Stargazing from Orbit: Understanding Airglow and the Milky Way from the ISS

On April 13, 2026, NASA astronaut Chris Williams captured a breathtaking image from a SpaceX Dragon spacecraft docked to the International Space Station. The photo shows the Milky Way rising above Earth's atmospheric glow, a phenomenon known as airglow. This Q&A explores what was seen, how airglow works, and why space provides such pristine views of our galaxy.

What did NASA astronaut Chris Williams capture from the ISS in April 2026?

While aboard a SpaceX Dragon docked to the International Space Station, astronaut Chris Williams photographed the Milky Way as it rose above Earth's horizon. The image, taken on April 13, 2026, stands out because it simultaneously shows the galaxy's dense star clouds and a faint, colorful glow enveloping the planet. This glow, called airglow, appears as a diffuse band of light just above the Earth's limb. The Milky Way itself shines brilliantly because the ISS orbits above most atmospheric interference, offering an unobstructed view of the galaxy's core.

Stargazing from Orbit: Understanding Airglow and the Milky Way from the ISS — Source: www.nasa.gov

What is airglow and how does it occur?

Airglow is the natural emission of light from Earth's upper atmosphere, visible even on the night side. It happens when atoms and molecules in the upper atmosphere absorb energy from sunlight during the day and release it at night as photons. There are two main mechanisms: first, atoms and molecules can become excited by solar radiation and then relax by emitting a photon. Second, ions that were created by sunlight can collide with free electrons; when the electron is captured, the excess energy is released as light. Both processes produce airglow, which appears as a faint, often green or red glow above the horizon. Unlike the stark darkness of space, airglow provides a subtle backdrop that can sometimes interfere with astronomical observations from orbit.

How does airglow differ from auroras?

Although airglow and auroras both create colorful displays in the sky, their origins are distinct. Auroras are driven by high-energy particles from the solar wind that collide with Earth's magnetic field and atmosphere near the poles. In contrast, airglow is powered by ordinary solar radiation—the same sunlight that heats the Earth during the day. Airglow occurs globally across all latitudes, not just near the poles, and is a constant feature of the upper atmosphere. While auroras are often vibrant and dynamic, airglow is much fainter and more uniform. Both phenomena involve atoms emitting photons, but the energy source differs: auroras rely on energetic particles, whereas airglow uses everyday UV sunlight.

Why is the Milky Way more visible from the International Space Station?

From the ground, the Milky Way is often obscured by light pollution, atmospheric haze, and scattered sunlight. The International Space Station orbits roughly 400 kilometers above Earth, placing it well above the bulk of the atmosphere. Without airglow, the sky from the ISS would be completely black, making stars and the Milky Way exceptionally crisp. Additionally, the ISS experiences a sunrise or sunset every 90 minutes, so astronauts frequently have opportunities to observe the galaxy in near-perfect darkness. Chris Williams's photo from the SpaceX Dragon benefited from this high vantage point, combined with a clear view of the Milky Way's core rising over the planet's airglow layer.

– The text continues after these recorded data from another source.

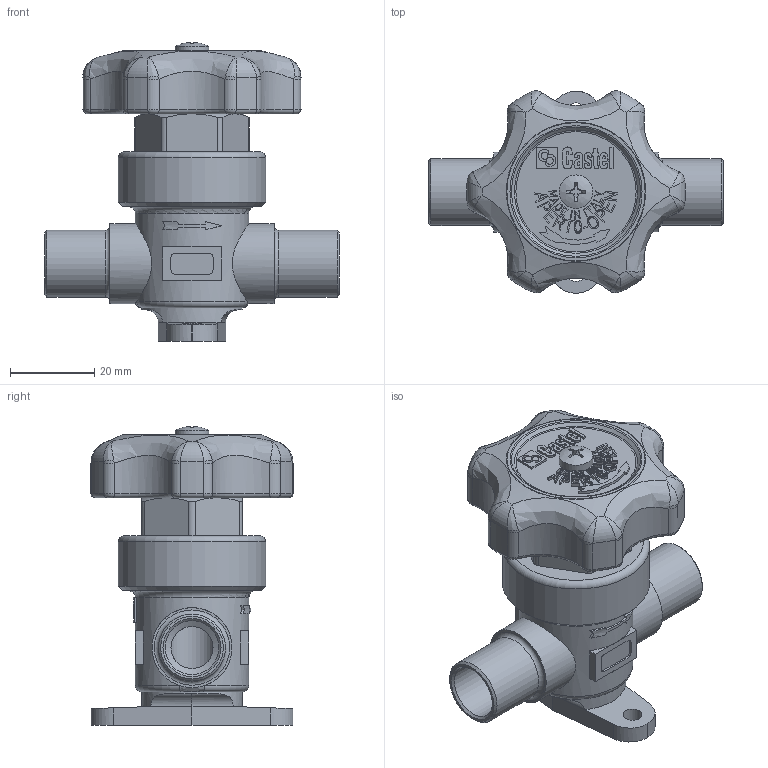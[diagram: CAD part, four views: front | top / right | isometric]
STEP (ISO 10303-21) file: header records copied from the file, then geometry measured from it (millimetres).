
FILE_DESCRIPTION(/* description */ (''),/* implementation_level */ '2;1');
FILE_NAME(/* name */ '6220_4',/* time_stamp */ '2009-11-20T15:06:19+01:00',/* author */ (''),/* organization */ (''),/* preprocessor_version */ 'ST-DEVELOPER v9',/* originating_system */ 'UGS - NX 4.0',/* authorisation */ '');
FILE_SCHEMA (('CONFIG_CONTROL_DESIGN'));
Length unit declared in the file: millimetre
Products named in the file (1): VSalC6C9ecp8
Bounding box: 70 x 48.01 x 71.03 mm (x, y, z)
Volume: 43458 mm3; surface area: 25540.3 mm2
Topology: 1 solids, 3 shells, 1121 faces, 2763 edges, 1680 vertices
Faces by surface type: plane 378, cylinder 229, bspline 163, torus 160, extrusion 118, cone 39, sphere 34
Full cylindrical faces by diameter (mm): 3.4 x1, 4 x1, 4.5 x3, 8 x1, 9.7 x1, 10 x3, 10.55 x1, 11 x1, 12.8 x2, 13 x1, 13.6 x1, 14 x1, 14.5 x1, 15.9 x2, 19 x2, 23.5 x1, 24 x1, 27 x1, 28.2 x1, 28.8 x1, 30 x1, 35 x1
Entity records: 37749 total; most frequent: CARTESIAN_POINT 13968, ORIENTED_EDGE 5246, DIRECTION 4255, EDGE_CURVE 2623, AXIS2_PLACEMENT_3D 1693, VERTEX_POINT 1641, EDGE_LOOP 1259, B_SPLINE_CURVE_WITH_KNOTS 1138

What role did the SpaceX Dragon play in capturing this image?

The SpaceX Dragon spacecraft provided a crucial observation platform for Chris Williams's photo. Docked to the International Space Station, the Dragon's Cupola-like window or other vantage points allowed an unobstructed view of Earth's limb and the Milky Way. The Dragon is typically used for crew transport, but its large windows are also ideal for Earth observation and astrophotography. Being detached from the main station's structure may have reduced vibrations and reflections, yielding a sharper image. Moreover, the timing of the photo coincided with the station's orbital night, when the Dragon was positioned to see the Milky Way rising. This image is a testament to how commercial spacecraft like the Dragon expand the capabilities of space-based photography.

How does the solar wind relate to airglow and auroras?

The solar wind is a stream of charged particles emitted by the Sun. These particles are the primary driver of auroras, as they interact with Earth's magnetic field and excite atoms in the polar regions. Airglow, however, is not caused by the solar wind but by direct solar radiation (ultraviolet and visible light) absorbed by the upper atmosphere. In both cases, atoms and molecules release photons when they return to a lower energy state. Think of auroras as a chaotic, energetic event triggered by solar storms, while airglow is a quiet, constant glow fueled by ordinary sunlight. Chris Williams's image captures airglow in its steady state, contrasting with the more dramatic but sporadic auroras seen from lower orbits.